CREATE EXTERNAL TABLE IF NOT EXISTS my_table (
field1 string COMMENT 'This is a field1',
field2 int COMMENT 'This is a field2',
field3 string COMMENT 'This is a field3',
field4 double COMMENT 'This is a field4'
)
ROW FORMAT SERDE 'org.apache.hadoop.hive.contrib.serde2.JsonSerde'
Location '/user/uszszb6/json_test/data';
数据文件中的条目。
{"field1":"data1","field2":100,"field3":"more data1","field4":123.001}
{"field1":"data2","field2":200,"field3":"more data2","field4":123.002}
{"field1":"data3","field2":300,"field3":"more data3","field4":123.003}
{"field1":"data4","field2":400,"field3":"more data4","field4":123.004}
当我使用命令desc my_table时,我得到以下输出。
+-----------+------------+--------------------+--+
| col_name | data_type | comment |
+-----------+------------+--------------------+--+
| field1 | string | from deserializer |
| field2 | int | from deserializer |
| field3 | string | from deserializer |
| field4 | double | from deserializer |
+-----------+------------+--------------------+--+
JsonSerde无法正确捕获评论。我也尝试过像
这样的其他JSONSerde org.openx.data.jsonserde.JsonSerDe
org.apache.hive.hcatalog.data.JsonSerDe
com.amazon.elasticmapreduce.JsonSerde
但是desc命令输出是一样的。这个错误[https://issues.apache.org/jira/browse/HIVE-6681][1]

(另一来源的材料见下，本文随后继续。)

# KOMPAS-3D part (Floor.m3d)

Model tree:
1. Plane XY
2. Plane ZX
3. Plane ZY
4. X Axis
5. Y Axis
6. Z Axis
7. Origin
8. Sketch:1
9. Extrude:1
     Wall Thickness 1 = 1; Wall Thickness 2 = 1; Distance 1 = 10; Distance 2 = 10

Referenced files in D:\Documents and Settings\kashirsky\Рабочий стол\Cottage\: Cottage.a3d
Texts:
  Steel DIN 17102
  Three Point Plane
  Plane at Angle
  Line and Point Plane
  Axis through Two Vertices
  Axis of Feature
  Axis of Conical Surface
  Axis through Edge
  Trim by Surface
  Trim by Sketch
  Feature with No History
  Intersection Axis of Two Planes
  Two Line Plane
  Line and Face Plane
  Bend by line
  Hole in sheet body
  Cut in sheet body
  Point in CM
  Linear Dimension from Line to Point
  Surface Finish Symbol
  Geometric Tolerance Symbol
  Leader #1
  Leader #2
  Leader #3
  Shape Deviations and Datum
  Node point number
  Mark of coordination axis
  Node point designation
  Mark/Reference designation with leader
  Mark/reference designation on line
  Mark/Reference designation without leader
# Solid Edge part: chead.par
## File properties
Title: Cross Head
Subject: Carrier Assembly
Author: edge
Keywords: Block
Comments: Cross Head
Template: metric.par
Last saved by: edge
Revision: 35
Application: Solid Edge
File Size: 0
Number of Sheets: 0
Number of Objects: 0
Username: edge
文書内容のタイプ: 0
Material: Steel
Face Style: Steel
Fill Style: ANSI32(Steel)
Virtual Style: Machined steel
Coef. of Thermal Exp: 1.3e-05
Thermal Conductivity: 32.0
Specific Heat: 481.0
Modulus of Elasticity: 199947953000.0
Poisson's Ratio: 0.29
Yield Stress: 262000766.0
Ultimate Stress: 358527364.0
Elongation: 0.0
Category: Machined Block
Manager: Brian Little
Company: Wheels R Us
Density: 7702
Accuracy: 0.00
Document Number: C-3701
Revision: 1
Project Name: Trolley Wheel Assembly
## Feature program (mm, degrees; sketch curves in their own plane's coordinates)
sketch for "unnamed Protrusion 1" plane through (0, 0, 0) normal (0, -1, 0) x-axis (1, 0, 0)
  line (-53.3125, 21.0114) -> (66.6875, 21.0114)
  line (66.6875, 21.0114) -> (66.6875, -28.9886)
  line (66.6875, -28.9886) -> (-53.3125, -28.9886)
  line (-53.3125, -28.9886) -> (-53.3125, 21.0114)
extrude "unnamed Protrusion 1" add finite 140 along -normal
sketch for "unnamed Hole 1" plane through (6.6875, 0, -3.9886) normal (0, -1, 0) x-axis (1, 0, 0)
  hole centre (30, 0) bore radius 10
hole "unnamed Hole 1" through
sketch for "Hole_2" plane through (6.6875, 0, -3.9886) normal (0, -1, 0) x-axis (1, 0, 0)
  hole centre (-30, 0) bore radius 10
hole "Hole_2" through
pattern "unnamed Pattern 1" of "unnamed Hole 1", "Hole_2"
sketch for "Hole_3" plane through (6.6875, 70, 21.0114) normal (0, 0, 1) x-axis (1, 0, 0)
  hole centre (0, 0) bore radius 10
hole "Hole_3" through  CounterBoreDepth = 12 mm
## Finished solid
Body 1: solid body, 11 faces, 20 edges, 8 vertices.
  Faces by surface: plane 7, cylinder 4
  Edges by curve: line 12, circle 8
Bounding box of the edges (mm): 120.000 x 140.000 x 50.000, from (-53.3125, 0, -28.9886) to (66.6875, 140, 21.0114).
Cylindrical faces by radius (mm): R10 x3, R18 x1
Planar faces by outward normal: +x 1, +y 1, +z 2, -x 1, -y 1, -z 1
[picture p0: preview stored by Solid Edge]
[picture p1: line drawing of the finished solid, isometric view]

根据票证,它在版本0.13中得到解决,我使用的是hive 1.2.1,但我仍然面临着这个问题。
任何人都可以分享您对解决此问题的看法。
答案 0 :(得分:0)
是的,它看起来像是一个影响所有Json SerDes的蜂巢错误,但您尝试过使用DESCRIBE EXTENDED吗?
DESCRIBE EXTENDED my_table;
hive> describe extended json_serde_test;
OK
browser string from deserializer
device_uuid string from deserializer
custom struct<customer_id:string> from deserializer
Detailed Table Information
Table(tableName:json_serde_test,dbName:default, owner:rcongiu,
createTime:1448477902, lastAccessTime:0, retention:0,
sd:StorageDescriptor(cols:[FieldSchema(name:browser, type:string,
comment:hello), FieldSchema(name:device_uuid, type:string, comment:my
name is elder price), FieldSchema(name:custom,
type:struct<customer_id:string>, comment:null)],
location:hdfs://localhost:9000/user/hive/warehouse/json_serde_test,
inputFormat:org.apache.hadoop.mapred.TextInputFormat,
outputFormat:org.apache.hadoop.hive.ql.io.HiveIgnoreKeyTextOutputFormat,
compressed:false, numBuckets:-1, serdeInfo:SerDeInfo(name:null,
serializationLib:org.openx.data.jsonserde.JsonSerDe, parameters:
{serialization.format=1, mapping.customer_id=Customer ID}),
bucketCols:[], sortCols:[], parameters:{},
skewedInfo:SkewedInfo(skewedColNames:[], skewedColValues:[],
skewedColValueLocationMaps:{}), storedAsSubDirectories:false),
partitionKeys:[], parameters:{numFiles=1,
transient_lastDdlTime=1448477903, COLUMN_STATS_ACCURATE=true,
totalSize=128, numRows=0, rawDataSize=0}, viewOriginalText:null,
viewExpandedText:null, tableType:MANAGED_TABLE)
Time taken: 0.073 seconds, Fetched: 5 row(s)
将输出json-ish详细说明,其中包括评论......难以阅读的内容,但它显示了我的评论,可能足以满足您的目的......或者不是。